[INPUT MATERIAL — start]

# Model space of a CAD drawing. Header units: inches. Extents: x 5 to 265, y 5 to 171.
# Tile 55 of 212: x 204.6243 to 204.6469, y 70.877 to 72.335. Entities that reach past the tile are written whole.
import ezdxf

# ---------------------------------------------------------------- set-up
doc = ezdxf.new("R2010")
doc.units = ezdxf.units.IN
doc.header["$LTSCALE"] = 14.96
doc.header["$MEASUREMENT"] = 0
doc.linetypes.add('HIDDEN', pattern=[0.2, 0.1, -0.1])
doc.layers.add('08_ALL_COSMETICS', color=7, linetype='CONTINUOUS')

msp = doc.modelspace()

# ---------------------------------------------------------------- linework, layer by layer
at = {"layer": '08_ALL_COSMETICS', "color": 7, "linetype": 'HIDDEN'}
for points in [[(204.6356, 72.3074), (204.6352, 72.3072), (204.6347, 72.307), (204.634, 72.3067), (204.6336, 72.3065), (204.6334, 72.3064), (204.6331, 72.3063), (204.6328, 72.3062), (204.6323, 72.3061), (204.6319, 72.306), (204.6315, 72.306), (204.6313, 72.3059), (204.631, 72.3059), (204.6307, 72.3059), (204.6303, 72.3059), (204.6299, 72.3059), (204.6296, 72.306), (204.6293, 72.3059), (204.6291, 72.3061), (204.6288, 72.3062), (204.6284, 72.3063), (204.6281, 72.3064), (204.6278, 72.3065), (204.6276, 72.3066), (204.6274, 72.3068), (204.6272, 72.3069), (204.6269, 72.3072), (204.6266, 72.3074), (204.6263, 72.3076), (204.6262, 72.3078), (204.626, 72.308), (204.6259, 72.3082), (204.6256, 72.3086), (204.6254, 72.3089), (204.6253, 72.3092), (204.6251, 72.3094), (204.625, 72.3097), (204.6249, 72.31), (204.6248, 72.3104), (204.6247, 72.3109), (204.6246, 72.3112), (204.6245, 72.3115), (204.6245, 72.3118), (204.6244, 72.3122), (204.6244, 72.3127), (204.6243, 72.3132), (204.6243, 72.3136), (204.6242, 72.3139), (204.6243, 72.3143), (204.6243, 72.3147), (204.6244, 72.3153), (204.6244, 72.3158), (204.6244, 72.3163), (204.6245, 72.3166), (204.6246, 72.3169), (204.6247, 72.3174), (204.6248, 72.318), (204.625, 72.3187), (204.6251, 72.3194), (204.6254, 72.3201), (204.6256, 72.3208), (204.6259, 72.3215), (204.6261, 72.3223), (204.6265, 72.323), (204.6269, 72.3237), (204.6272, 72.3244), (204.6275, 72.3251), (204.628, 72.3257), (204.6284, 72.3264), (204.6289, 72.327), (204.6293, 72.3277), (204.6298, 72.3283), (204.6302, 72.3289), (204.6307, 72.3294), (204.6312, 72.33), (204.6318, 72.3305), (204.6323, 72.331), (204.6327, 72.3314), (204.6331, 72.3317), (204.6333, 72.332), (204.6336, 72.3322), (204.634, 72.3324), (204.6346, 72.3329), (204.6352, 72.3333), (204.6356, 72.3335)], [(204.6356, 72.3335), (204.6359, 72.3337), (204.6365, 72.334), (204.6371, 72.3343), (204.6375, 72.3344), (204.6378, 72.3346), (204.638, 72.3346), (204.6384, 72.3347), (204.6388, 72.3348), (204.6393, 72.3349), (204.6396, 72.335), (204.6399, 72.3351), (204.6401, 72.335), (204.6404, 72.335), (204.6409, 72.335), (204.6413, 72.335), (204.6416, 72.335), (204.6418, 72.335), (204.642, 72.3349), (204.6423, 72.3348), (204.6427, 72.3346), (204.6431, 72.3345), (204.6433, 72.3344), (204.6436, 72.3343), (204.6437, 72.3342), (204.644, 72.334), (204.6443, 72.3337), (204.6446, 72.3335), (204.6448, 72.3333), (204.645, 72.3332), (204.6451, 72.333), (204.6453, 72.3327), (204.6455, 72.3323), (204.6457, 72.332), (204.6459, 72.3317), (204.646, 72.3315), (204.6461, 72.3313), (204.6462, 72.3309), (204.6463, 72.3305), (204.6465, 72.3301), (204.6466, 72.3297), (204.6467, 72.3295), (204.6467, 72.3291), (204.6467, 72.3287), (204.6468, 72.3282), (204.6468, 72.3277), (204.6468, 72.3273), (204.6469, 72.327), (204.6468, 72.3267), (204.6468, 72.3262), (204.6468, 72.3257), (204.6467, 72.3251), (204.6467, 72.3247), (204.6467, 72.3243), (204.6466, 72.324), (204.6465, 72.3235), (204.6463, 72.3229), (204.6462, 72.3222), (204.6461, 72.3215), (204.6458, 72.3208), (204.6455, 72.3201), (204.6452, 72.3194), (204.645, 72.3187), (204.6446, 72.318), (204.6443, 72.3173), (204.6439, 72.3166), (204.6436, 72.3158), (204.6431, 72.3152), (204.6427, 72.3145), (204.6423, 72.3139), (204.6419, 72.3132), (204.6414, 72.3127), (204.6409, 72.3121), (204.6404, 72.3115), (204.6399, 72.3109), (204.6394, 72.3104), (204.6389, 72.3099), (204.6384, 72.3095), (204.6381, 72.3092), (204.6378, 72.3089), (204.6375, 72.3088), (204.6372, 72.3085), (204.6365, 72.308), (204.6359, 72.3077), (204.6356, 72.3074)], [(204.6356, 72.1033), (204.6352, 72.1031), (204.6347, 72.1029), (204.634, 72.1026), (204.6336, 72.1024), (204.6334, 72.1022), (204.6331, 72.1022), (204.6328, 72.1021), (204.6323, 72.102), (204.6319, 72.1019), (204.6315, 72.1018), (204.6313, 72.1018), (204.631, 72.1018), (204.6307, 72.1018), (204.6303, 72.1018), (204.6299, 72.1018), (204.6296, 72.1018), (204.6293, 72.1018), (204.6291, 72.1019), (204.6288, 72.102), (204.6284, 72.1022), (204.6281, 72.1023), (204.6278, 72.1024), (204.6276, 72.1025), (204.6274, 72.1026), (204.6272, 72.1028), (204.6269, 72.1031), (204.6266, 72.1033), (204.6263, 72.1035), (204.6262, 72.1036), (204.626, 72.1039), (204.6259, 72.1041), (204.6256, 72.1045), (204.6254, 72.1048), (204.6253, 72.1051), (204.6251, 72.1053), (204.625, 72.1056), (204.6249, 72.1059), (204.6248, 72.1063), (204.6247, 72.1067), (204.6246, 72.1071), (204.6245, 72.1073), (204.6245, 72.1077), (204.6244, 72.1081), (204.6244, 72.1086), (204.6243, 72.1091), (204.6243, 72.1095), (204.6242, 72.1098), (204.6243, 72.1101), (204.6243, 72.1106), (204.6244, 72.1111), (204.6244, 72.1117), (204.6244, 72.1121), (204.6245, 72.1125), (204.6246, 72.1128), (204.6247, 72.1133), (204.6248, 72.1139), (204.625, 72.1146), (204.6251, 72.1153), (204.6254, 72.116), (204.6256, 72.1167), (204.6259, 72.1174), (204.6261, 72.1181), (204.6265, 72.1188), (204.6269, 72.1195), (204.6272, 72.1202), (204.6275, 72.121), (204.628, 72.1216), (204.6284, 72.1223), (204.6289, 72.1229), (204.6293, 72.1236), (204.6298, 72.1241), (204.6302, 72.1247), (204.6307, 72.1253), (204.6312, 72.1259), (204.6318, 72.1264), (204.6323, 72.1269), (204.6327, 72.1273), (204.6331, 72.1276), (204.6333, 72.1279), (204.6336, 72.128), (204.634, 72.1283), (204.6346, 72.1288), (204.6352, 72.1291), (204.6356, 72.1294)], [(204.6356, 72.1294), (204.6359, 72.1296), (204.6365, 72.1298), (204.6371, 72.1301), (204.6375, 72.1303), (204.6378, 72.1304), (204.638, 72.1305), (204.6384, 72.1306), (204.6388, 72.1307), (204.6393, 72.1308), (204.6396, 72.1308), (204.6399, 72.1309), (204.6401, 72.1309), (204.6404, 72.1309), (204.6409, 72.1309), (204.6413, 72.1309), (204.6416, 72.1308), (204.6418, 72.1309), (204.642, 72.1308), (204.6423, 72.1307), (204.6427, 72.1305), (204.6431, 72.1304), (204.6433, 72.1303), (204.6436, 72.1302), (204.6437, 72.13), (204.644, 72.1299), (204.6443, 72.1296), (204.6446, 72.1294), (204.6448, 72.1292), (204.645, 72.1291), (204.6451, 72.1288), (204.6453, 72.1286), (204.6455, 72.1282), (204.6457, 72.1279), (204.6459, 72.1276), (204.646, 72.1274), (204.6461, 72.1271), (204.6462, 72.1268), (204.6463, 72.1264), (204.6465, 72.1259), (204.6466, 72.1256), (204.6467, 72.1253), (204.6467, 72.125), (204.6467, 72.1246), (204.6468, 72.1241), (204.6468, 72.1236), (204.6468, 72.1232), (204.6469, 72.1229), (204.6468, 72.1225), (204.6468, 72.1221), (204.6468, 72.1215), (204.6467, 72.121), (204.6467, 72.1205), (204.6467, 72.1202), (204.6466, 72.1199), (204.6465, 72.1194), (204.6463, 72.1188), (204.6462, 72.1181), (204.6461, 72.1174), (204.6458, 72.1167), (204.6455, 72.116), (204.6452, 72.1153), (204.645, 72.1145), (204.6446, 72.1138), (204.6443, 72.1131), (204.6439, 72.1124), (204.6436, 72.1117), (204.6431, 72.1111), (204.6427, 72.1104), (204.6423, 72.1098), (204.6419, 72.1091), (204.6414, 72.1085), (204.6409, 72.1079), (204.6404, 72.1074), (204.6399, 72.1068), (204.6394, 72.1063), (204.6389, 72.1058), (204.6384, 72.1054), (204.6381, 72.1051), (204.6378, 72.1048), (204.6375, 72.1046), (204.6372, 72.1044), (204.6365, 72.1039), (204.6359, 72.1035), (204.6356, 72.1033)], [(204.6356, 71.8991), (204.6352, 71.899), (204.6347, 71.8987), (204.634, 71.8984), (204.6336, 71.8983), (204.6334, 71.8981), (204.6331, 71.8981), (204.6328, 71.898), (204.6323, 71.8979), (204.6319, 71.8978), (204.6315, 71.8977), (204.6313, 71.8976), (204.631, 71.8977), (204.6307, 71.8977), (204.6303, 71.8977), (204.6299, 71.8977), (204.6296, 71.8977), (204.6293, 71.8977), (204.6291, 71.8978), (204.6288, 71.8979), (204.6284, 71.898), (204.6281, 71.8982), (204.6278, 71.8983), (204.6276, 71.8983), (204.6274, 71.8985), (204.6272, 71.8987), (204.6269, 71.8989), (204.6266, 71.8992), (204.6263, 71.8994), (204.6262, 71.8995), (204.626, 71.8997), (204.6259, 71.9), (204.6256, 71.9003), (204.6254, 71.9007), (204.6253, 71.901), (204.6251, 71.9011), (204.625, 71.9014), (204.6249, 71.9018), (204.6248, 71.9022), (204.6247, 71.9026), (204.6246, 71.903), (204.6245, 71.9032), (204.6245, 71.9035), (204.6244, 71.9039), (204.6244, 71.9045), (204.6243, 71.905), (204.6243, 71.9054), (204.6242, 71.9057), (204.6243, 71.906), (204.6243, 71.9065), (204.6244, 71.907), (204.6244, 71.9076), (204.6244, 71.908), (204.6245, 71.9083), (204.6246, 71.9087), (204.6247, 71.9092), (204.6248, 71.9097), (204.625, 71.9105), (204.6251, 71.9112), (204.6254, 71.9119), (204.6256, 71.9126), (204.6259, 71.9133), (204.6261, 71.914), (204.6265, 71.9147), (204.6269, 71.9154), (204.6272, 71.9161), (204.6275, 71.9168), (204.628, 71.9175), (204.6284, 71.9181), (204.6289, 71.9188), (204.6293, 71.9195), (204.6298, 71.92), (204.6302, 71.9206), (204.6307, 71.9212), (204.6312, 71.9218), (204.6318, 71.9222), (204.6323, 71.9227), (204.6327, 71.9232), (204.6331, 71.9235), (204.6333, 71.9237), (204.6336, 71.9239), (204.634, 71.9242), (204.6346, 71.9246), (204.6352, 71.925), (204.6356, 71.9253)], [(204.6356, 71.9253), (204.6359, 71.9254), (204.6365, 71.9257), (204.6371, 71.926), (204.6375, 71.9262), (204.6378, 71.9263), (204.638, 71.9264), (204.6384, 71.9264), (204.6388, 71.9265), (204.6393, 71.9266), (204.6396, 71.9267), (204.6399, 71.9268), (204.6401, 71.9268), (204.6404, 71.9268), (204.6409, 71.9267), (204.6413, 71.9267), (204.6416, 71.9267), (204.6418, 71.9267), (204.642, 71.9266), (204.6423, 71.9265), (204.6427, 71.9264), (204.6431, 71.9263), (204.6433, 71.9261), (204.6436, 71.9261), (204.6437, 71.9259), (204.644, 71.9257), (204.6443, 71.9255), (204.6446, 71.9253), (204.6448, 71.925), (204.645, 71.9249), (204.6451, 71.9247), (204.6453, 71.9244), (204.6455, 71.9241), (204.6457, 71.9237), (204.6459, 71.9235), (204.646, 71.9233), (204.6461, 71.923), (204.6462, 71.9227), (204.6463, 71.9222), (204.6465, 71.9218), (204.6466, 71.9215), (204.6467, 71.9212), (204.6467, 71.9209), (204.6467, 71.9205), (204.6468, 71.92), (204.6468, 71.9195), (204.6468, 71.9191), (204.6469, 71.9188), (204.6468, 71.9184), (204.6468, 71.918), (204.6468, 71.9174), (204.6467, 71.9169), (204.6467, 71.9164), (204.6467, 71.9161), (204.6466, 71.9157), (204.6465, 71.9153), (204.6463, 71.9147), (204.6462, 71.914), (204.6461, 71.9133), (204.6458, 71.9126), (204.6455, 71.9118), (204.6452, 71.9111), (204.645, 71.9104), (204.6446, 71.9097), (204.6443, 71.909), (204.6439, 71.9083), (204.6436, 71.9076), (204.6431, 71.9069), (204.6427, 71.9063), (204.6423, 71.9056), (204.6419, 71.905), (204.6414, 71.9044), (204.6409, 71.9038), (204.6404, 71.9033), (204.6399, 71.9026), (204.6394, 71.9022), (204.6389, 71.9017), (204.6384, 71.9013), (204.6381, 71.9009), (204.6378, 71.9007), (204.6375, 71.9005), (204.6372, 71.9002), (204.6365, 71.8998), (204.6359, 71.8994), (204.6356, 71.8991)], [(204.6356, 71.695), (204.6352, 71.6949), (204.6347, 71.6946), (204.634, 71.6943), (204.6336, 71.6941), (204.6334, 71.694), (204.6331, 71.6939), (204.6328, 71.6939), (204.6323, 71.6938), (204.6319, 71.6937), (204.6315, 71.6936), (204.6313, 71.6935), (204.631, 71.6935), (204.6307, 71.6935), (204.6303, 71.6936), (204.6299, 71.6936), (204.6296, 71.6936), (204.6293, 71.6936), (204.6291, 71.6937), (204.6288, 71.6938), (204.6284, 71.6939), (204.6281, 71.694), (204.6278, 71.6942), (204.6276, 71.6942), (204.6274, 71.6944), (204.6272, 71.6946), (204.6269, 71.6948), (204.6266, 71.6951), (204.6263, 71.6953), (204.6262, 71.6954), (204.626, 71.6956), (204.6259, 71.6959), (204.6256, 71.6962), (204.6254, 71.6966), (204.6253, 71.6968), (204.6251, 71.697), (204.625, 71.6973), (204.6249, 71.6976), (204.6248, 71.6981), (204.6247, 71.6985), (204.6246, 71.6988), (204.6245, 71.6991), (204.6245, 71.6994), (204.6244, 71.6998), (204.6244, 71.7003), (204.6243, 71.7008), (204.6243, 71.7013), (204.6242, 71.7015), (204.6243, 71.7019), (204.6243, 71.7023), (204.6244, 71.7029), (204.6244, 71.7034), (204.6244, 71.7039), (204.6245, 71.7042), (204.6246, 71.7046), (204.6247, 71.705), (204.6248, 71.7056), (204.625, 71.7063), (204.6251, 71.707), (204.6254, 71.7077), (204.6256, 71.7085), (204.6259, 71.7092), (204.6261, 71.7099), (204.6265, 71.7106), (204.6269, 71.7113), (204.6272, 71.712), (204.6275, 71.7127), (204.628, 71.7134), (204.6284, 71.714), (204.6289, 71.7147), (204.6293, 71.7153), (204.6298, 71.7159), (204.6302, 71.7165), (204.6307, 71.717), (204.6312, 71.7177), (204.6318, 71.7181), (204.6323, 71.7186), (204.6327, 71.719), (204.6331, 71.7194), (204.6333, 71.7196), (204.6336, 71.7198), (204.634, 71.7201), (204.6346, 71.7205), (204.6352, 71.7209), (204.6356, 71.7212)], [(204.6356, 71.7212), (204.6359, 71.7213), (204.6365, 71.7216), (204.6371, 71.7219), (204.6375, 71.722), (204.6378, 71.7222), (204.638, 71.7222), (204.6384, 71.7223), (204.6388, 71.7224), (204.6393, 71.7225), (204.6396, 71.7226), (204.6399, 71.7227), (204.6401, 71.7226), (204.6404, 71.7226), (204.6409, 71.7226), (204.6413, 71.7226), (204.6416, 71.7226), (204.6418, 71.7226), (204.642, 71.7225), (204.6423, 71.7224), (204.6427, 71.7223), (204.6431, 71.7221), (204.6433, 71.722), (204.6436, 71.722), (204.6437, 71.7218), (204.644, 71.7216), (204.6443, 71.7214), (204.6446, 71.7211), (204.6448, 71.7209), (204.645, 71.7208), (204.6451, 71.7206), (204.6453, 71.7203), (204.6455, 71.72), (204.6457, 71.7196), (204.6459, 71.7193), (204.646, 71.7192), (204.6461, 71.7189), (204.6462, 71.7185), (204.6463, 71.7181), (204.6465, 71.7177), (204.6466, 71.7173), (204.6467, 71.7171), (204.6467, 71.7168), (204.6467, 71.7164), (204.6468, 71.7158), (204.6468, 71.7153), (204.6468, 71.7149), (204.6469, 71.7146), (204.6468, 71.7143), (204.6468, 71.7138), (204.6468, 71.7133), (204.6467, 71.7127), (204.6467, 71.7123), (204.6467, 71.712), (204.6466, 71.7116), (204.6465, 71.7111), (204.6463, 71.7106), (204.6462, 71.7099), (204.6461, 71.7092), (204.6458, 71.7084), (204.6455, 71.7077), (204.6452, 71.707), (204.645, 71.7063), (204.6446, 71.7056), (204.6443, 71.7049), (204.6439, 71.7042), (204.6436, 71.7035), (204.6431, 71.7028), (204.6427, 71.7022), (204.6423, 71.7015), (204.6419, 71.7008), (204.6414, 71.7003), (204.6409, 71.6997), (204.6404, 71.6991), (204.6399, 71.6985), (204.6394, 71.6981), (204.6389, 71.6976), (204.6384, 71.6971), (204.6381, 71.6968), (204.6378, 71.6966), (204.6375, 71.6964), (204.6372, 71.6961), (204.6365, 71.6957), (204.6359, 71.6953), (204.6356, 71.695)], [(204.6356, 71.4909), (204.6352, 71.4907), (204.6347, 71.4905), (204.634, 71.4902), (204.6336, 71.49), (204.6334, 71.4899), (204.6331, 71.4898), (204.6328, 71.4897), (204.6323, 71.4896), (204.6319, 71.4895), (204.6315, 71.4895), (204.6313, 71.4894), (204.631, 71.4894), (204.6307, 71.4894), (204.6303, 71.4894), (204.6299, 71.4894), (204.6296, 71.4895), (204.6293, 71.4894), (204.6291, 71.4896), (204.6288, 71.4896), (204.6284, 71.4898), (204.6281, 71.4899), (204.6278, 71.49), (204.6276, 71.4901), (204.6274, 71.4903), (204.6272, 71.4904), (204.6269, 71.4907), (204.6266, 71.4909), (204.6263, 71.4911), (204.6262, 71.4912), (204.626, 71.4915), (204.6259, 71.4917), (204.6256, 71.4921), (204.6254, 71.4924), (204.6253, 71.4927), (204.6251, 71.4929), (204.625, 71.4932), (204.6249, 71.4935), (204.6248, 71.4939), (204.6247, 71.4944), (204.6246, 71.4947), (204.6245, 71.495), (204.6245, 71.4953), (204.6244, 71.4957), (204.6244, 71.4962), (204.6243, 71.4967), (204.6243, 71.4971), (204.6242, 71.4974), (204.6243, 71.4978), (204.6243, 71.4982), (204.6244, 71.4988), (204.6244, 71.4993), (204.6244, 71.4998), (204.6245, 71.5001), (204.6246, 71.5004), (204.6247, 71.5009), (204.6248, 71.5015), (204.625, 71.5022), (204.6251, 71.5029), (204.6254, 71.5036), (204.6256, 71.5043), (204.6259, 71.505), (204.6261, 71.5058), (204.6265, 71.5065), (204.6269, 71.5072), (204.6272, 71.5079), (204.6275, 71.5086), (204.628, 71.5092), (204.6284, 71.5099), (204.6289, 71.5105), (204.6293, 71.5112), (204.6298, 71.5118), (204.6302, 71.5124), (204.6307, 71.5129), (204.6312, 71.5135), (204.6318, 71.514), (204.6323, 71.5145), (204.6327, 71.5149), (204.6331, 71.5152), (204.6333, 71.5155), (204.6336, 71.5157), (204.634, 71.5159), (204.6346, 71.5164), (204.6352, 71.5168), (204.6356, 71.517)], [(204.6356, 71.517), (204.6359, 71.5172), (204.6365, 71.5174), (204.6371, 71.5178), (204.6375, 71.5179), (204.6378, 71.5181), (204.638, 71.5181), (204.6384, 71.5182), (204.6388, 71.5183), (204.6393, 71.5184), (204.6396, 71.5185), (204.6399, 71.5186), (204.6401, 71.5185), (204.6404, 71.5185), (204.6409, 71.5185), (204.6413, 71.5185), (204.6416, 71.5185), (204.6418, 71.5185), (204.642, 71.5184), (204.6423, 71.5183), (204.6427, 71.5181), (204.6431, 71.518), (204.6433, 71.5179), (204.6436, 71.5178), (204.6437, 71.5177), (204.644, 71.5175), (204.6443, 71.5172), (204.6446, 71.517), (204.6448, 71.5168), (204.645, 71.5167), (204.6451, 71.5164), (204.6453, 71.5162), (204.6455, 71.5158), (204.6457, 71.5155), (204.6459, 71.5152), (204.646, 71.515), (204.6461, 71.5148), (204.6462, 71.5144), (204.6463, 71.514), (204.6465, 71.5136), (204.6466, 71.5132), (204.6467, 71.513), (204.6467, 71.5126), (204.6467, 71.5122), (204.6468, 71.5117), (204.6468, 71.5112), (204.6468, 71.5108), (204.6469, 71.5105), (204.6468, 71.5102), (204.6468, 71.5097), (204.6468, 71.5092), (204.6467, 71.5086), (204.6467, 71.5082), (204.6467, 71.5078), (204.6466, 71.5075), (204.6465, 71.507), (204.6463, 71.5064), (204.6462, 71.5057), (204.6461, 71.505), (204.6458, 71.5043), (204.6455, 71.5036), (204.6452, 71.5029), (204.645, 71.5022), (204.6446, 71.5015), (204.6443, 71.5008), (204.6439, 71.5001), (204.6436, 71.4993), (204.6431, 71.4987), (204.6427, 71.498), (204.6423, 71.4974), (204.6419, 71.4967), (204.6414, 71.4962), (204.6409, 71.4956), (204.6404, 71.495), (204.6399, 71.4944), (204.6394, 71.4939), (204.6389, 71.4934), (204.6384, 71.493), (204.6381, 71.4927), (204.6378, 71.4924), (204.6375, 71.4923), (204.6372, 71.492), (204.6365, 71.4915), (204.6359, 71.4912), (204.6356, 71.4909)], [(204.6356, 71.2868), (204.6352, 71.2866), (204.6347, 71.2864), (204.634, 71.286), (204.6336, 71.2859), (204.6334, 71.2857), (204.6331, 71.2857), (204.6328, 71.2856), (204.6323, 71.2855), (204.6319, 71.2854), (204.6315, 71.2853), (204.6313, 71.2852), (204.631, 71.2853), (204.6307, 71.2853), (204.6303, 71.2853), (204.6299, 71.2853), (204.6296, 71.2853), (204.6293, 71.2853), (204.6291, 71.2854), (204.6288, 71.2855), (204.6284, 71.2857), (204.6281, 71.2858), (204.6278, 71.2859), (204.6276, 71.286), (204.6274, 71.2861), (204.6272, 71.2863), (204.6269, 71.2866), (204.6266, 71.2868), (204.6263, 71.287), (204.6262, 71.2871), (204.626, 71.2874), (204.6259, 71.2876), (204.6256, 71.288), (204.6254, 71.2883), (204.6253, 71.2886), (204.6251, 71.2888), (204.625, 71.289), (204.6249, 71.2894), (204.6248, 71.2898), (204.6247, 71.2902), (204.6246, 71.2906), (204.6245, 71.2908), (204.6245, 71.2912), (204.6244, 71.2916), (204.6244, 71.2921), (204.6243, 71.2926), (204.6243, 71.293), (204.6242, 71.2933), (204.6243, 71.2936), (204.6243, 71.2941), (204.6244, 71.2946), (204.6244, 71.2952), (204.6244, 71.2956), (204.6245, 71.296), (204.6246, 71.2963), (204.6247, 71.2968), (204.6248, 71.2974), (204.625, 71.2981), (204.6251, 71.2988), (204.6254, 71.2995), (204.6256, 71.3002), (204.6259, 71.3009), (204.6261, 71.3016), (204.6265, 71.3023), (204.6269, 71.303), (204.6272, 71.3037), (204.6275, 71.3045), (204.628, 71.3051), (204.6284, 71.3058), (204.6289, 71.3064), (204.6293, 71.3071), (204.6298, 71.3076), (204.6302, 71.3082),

[INPUT MATERIAL — finish]

* TASK *
Although the records may continue, retype only the lines from the first one through the one containing "layer by layer", exactly as they appear.

* RESPONSE FOR THIS EXERCISE *
# Model space of a CAD drawing. Header units: inches. Extents: x 5 to 265, y 5 to 171.
# Tile 55 of 212: x 204.6243 to 204.6469, y 70.877 to 72.335. Entities that reach past the tile are written whole.
import ezdxf

# ---------------------------------------------------------------- set-up
doc = ezdxf.new("R2010")
doc.units = ezdxf.units.IN
doc.header["$LTSCALE"] = 14.96
doc.header["$MEASUREMENT"] = 0
doc.linetypes.add('HIDDEN', pattern=[0.2, 0.1, -0.1])
doc.layers.add('08_ALL_COSMETICS', color=7, linetype='CONTINUOUS')

msp = doc.modelspace()

# ---------------------------------------------------------------- linework, layer by layer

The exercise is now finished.